For this exercise, output exactly the lines from the opening line of the listing through the line with "[diagram p17: the", skipping pictures.
┌─ EXERCISE INPUTS
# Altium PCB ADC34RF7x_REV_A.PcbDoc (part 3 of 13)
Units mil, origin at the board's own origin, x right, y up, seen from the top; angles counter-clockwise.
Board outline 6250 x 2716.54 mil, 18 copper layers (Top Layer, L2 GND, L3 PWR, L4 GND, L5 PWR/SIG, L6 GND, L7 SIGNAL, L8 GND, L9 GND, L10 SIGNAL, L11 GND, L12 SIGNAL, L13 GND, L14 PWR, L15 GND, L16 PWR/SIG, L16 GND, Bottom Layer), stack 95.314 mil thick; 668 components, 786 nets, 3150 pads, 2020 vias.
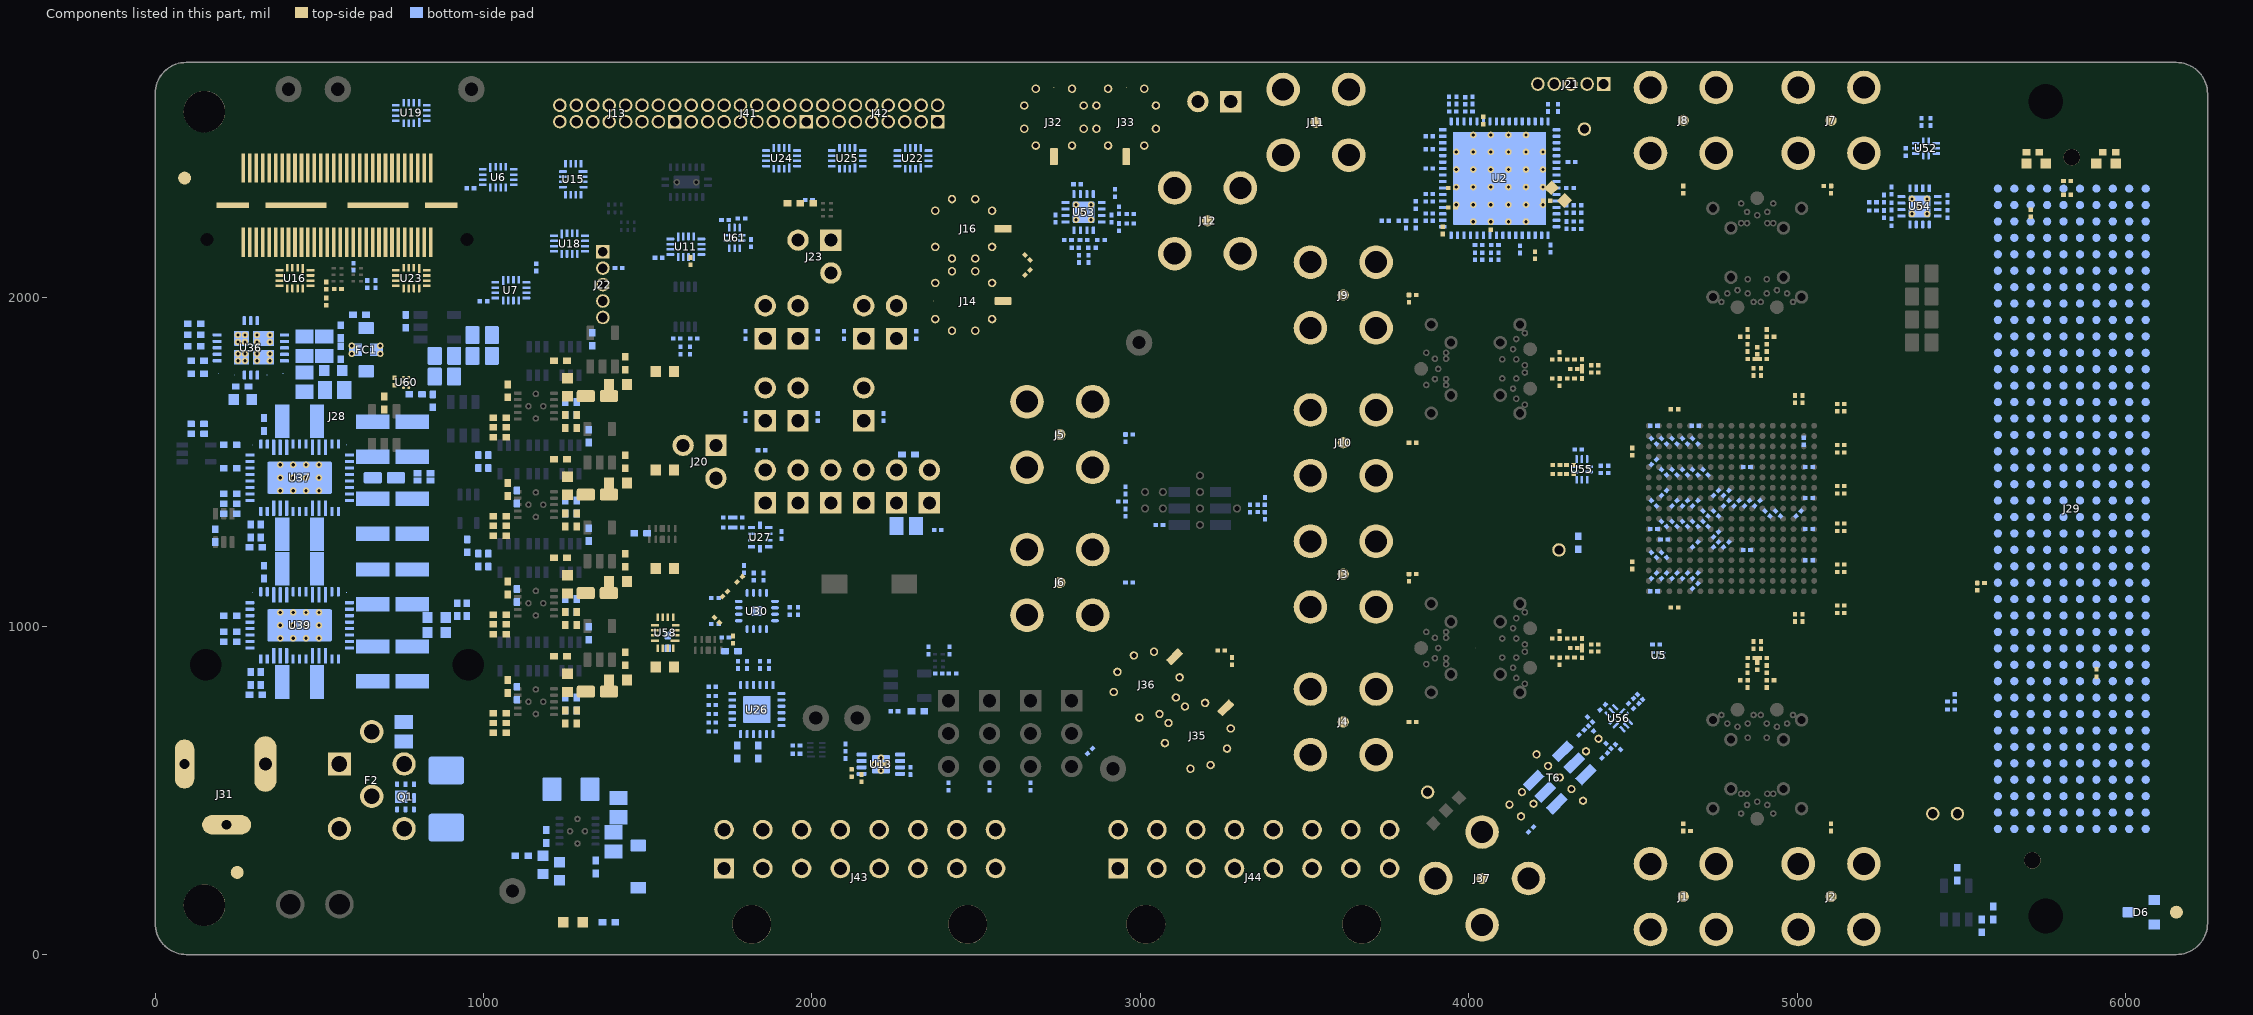
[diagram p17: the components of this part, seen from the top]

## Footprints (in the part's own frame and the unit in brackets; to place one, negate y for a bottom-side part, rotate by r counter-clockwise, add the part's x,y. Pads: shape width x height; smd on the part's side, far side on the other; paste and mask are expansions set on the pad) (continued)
NKD0064A [mm] "QFN, 64-Leads, Body 9x9mm, Pitch 0.5mm"
  rrect40% 0.6x0.25 smd mask+0.07: 1(-4.4,3.75) 2(-4.4,3.25) 3(-4.4,2.75) 4(-4.4,2.25) 5(-4.4,1.75) 6(-4.4,1.25) 7(-4.4,0.75) 8(-4.4,0.25) 9(-4.4,-0.25) 10(-4.4,-0.75) 11(-4.4,-1.25) 12(-4.4,-1.75) 13(-4.4,-2.25) 14(-4.4,-2.75) 15(-4.4,-3.25) 16(-4.4,-3.75) 33(4.4,-3.75) 34(4.4,-3.25) 35(4.4,-2.75) 36(4.4,-2.25) 37(4.4,-1.75) 38(4.4,-1.25) 39(4.4,-0.75) 40(4.4,-0.25) 41(4.4,0.25) 42(4.4,0.75) 43(4.4,1.25) 44(4.4,1.75) 45(4.4,2.25) 46(4.4,2.75) 47(4.4,3.25) 48(4.4,3.75)
  rrect40% 0.25x0.6 smd mask+0.07: 17(-3.75,-4.4) 18(-3.25,-4.4) 19(-2.75,-4.4) 20(-2.25,-4.4) 21(-1.75,-4.4) 22(-1.25,-4.4) 23(-0.75,-4.4) 24(-0.25,-4.4) 25(0.25,-4.4) 26(0.75,-4.4) 27(1.25,-4.4) 28(1.75,-4.4) 29(2.25,-4.4) 30(2.75,-4.4) 31(3.25,-4.4) 32(3.75,-4.4) 49(3.75,4.4) 50(3.25,4.4) 51(2.75,4.4) 52(2.25,4.4) 53(1.75,4.4) 54(1.25,4.4) 55(0.75,4.4) 56(0.25,4.4) 57(-0.25,4.4) 58(-0.75,4.4) 59(-1.25,4.4) 60(-1.75,4.4) 61(-2.25,4.4) 62(-2.75,4.4) 63(-3.25,4.4) 64(-3.75,4.4)
  round 0.508 hole 0.254 mask+0.102: 65(-3.35,-2.04) 65(-3.35,-0.68) 65(-3.35,0.68) 65(-3.35,2.04) 65(-2.04,-3.35) 65(-2.04,-2.04) 65(-2.04,-0.68) 65(-2.04,0.68) 65(-2.04,2.04) 65(-2.04,3.35) 65(-0.68,-3.35) 65(-0.68,-2.04) 65(-0.68,-0.68) 65(-0.68,0.68) 65(-0.68,2.04) 65(-0.68,3.35) 65(0.68,-3.35) 65(0.68,-2.04) 65(0.68,-0.68) 65(0.68,0.68) 65(0.68,2.04) 65(0.68,3.35) 65(2.04,-3.35) 65(2.04,-2.04) 65(2.04,-0.68) 65(2.04,0.68) 65(2.04,2.04) 65(2.04,3.35) 65(3.35,-2.04) 65(3.35,-0.68) 65(3.35,0.68) 65(3.35,2.04)
  rrect1% 7.2x7.2 smd paste-3.6 mask+0.07: 65(0,0)
  silkscreen extent -4.65,-4.65 4.65,4.65, body extent -4.55,-4.55 4.55,4.55, height 0.8
NKG0010A [mm]
  rrect50% 0.6x0.2 smd paste+0 mask+0.05: 1(-0.55,0.2) 2(-0.55,-0.2) 6(0.55,-0.2) 7(0.55,0.2)
  rrect50% 0.2x0.6 smd paste+0 mask+0.05: 3(-0.4,-0.8) 4(0,-0.8) 5(0.4,-0.8) 8(0.4,0.8) 9(0,0.8) 10(-0.4,0.8)
  silkscreen extent -1.07,0.47 -0.93,0.62, body extent -0.72,-0.93 0.72,0.93, height 0.56
PBC02SAAN [mm] "Sullins 100mil, 1x2, 230 mil above insulator"
  rect 1.65x1.65 hole 1.016: 1(0,1.27)
  round 1.65 hole 1.016: 2(0,-1.27)
  silkscreen extent -1.27,-2.54 1.6,2.54, body extent -1.27,-2.54 1.27,2.54, height 8.38
ProbePoint_TH_40mil [mil]
  round 41 hole 28: 1(0,0)
RAPC722X [mm] "Conn_DC Jack"
  oval 1.7x4.3 hole 1.01 slot 3.56 at 90 deg: 1(14.194,0)
  oval 1.5x3.8 hole 0.76 slot 3.05 at 90 deg: 2(7.946,0)
  oval 3.8x1.5 hole 0.76 slot 3.05 at 0 deg: 3(11.197,-4.7)
  silkscreen extent 0.2,-4.57 14.93,4.57, body extent 0.58,-4.97 15.06,4.56, height 10.92
RDB0051A [mm]
  round 0.025 smd mask+0.05: 1(-2.54,3.625) 15(-2.54,-3.625) 24(2.54,-3.625) 38(2.54,3.625)
  rrect30% 0.7x0.25 smd paste+0 mask+0.05: 2(-2.6,3) 3(-2.6,2.5) 7(-2.6,0.5) 8(-2.6,0) 9(-2.6,-0.5) 13(-2.6,-2.5) 14(-2.6,-3) 25(2.6,-3) 26(2.6,-2.5) 30(2.6,-0.5) 31(2.6,0) 32(2.6,0.5) 36(2.6,2.5) 37(2.6,3)
  rrect30% 1.2x0.25 smd paste+0 mask+0.05: 4(-2.35,2) 5(-2.35,1.5) 6(-2.35,1) 10(-2.35,-1) 11(-2.35,-1.5) 12(-2.35,-2) 27(2.35,-2) 28(2.35,-1.5) 29(2.35,-1) 33(2.35,1) 34(2.35,1.5) 35(2.35,2)
  rrect30% 0.25x0.7 smd paste+0 mask+0.05: 16(-1.75,-3.85) 17(-1.25,-3.85) 18(-0.75,-3.85) 19(-0.25,-3.85) 20(0.25,-3.85) 21(0.75,-3.85) 22(1.25,-3.85) 23(1.75,-3.85) 39(1.75,3.85) 40(1.25,3.85) 41(0.75,3.85) 42(0.25,3.85) 43(-0.25,3.85) 44(-0.75,3.85) 45(-1.25,3.85) 46(-1.75,3.85)
  rrect10% 2.5x5 smd paste-5: 47(0,0)
  round 0.508 hole 0.254 mask+0.102: 48(-1,1.5) 48(0,1.5) 48(1,1.5) 49(-1,0.5) 49(0,0.5) 49(1,0.5) 50(-1,-0.5) 50(0,-0.5) 50(1,-0.5) 51(-1,-1.5) 51(0,-1.5) 51(1,-1.5)
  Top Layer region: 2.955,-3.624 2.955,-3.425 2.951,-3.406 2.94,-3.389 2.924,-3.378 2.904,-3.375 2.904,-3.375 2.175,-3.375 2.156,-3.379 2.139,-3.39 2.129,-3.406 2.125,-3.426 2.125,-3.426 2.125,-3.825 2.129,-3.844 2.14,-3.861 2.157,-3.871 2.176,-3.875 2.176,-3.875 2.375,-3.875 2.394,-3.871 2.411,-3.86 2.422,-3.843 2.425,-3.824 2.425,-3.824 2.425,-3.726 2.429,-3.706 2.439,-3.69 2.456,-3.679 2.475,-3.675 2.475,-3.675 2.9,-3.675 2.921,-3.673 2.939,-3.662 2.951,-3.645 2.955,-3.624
└─
RESPONSE BELOW —
# Altium PCB ADC34RF7x_REV_A.PcbDoc (part 3 of 13)
Units mil, origin at the board's own origin, x right, y up, seen from the top; angles counter-clockwise.
Board outline 6250 x 2716.54 mil, 18 copper layers (Top Layer, L2 GND, L3 PWR, L4 GND, L5 PWR/SIG, L6 GND, L7 SIGNAL, L8 GND, L9 GND, L10 SIGNAL, L11 GND, L12 SIGNAL, L13 GND, L14 PWR, L15 GND, L16 PWR/SIG, L16 GND, Bottom Layer), stack 95.314 mil thick; 668 components, 786 nets, 3150 pads, 2020 vias.
[diagram p17: the components of this part, seen from the top]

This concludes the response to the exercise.